YOUR ASSIGNMENT => Report each line of the data that has "Motor" somewhere in it.

[Opening DATA SECTION section]

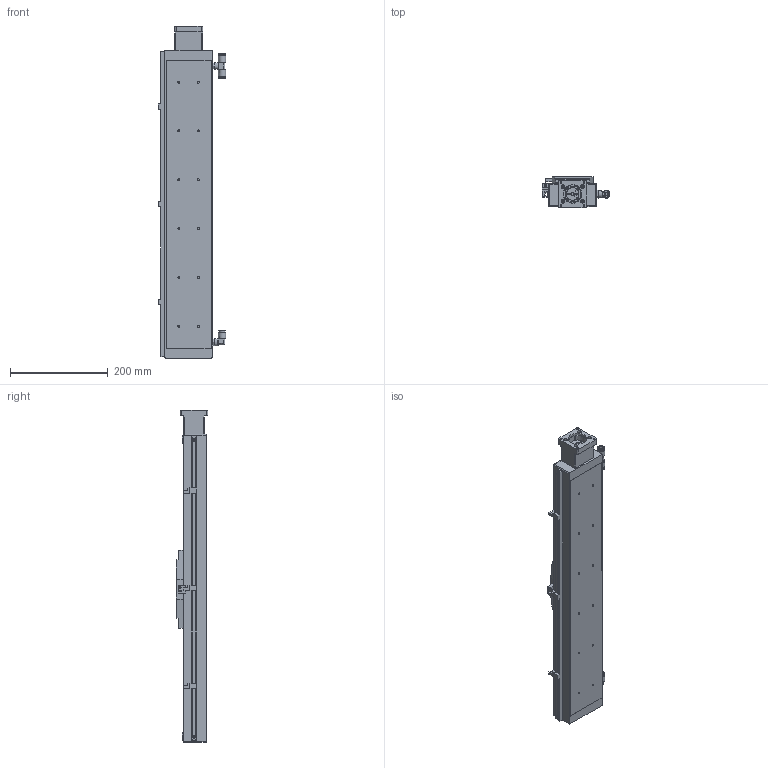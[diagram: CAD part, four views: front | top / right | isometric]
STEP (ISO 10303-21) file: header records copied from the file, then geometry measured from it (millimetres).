
FILE_DESCRIPTION((''),'2;1');
FILE_NAME('E:\libraries\UIA actuator library 2016\Clean room actuator\UIA098CR12DC\UIA098CR12 stp file 05May16\UIA098CR12DC-400-R16_ _-M23-P13-C10-S.stp','2016-05-09T14:50:15',('h029'),(''),'Autodesk Inventor 11','Autodesk Inventor 11','');
FILE_SCHEMA(('AUTOMOTIVE_DESIGN { 1 0 10303 214 1 1 1 1 }'));
Length unit declared in the file: millimetre
Products named in the file (12): UIA098CR12DC-400; body, UIA098CR12DC-400; carriage, UIA098CR12DC; Sensor Switch, UIA098CR12DC; Motor mount; SOH-25C; SOH-25C-2; SOH-25C-3; SOH-25C-1; Sensor Rail, UIA098CR12DC-400_MIR; vacuum port 1, UIA098CR12DC_MIR; vacuum port 2, UIA098CR12DC_MIR
Assembly tree (11 placements, depth 3):
  UIA098CR12DC-400
    body, UIA098CR12DC-400
    carriage, UIA098CR12DC
    Sensor Switch, UIA098CR12DC
    Motor mount
    SOH-25C
      SOH-25C-2
      SOH-25C-3
      SOH-25C-1
    Sensor Rail, UIA098CR12DC-400_MIR
    vacuum port 1, UIA098CR12DC_MIR
    vacuum port 2, UIA098CR12DC_MIR
Bounding box: 138.4 x 65.5 x 680 mm (x, y, z)
Volume: 3068770.3 mm3; surface area: 311830.1 mm2
Topology: 10 solids, 10 shells, 668 faces, 1737 edges, 1132 vertices
Faces by surface type: plane 295, bspline 284, cylinder 86, cone 3
Full cylindrical faces by diameter (mm): 3 x3, 5.6 x8, 8 x4, 9 x2, 10 x1, 13 x1, 15 x2, 18 x1, 25.5 x3, 37 x1, 38.1 x1
Entity records: 21659 total; most frequent: CARTESIAN_POINT 6364, ORIENTED_EDGE 3104, DIRECTION 2729, EDGE_CURVE 1552, VECTOR 1123, LINE 1123, VERTEX_POINT 1074, EDGE_LOOP 922

[Closing DATA SECTION section]

EXERCISE RESPONSE =>
Products named in the file (12): UIA098CR12DC-400; body, UIA098CR12DC-400; carriage, UIA098CR12DC; Sensor Switch, UIA098CR12DC; Motor mount; SOH-25C; SOH-25C-2; SOH-25C-3; SOH-25C-1; Sensor Rail, UIA098CR12DC-400_MIR; vacuum port 1, UIA098CR12DC_MIR; vacuum port 2, UIA098CR12DC_MIR
    Motor mount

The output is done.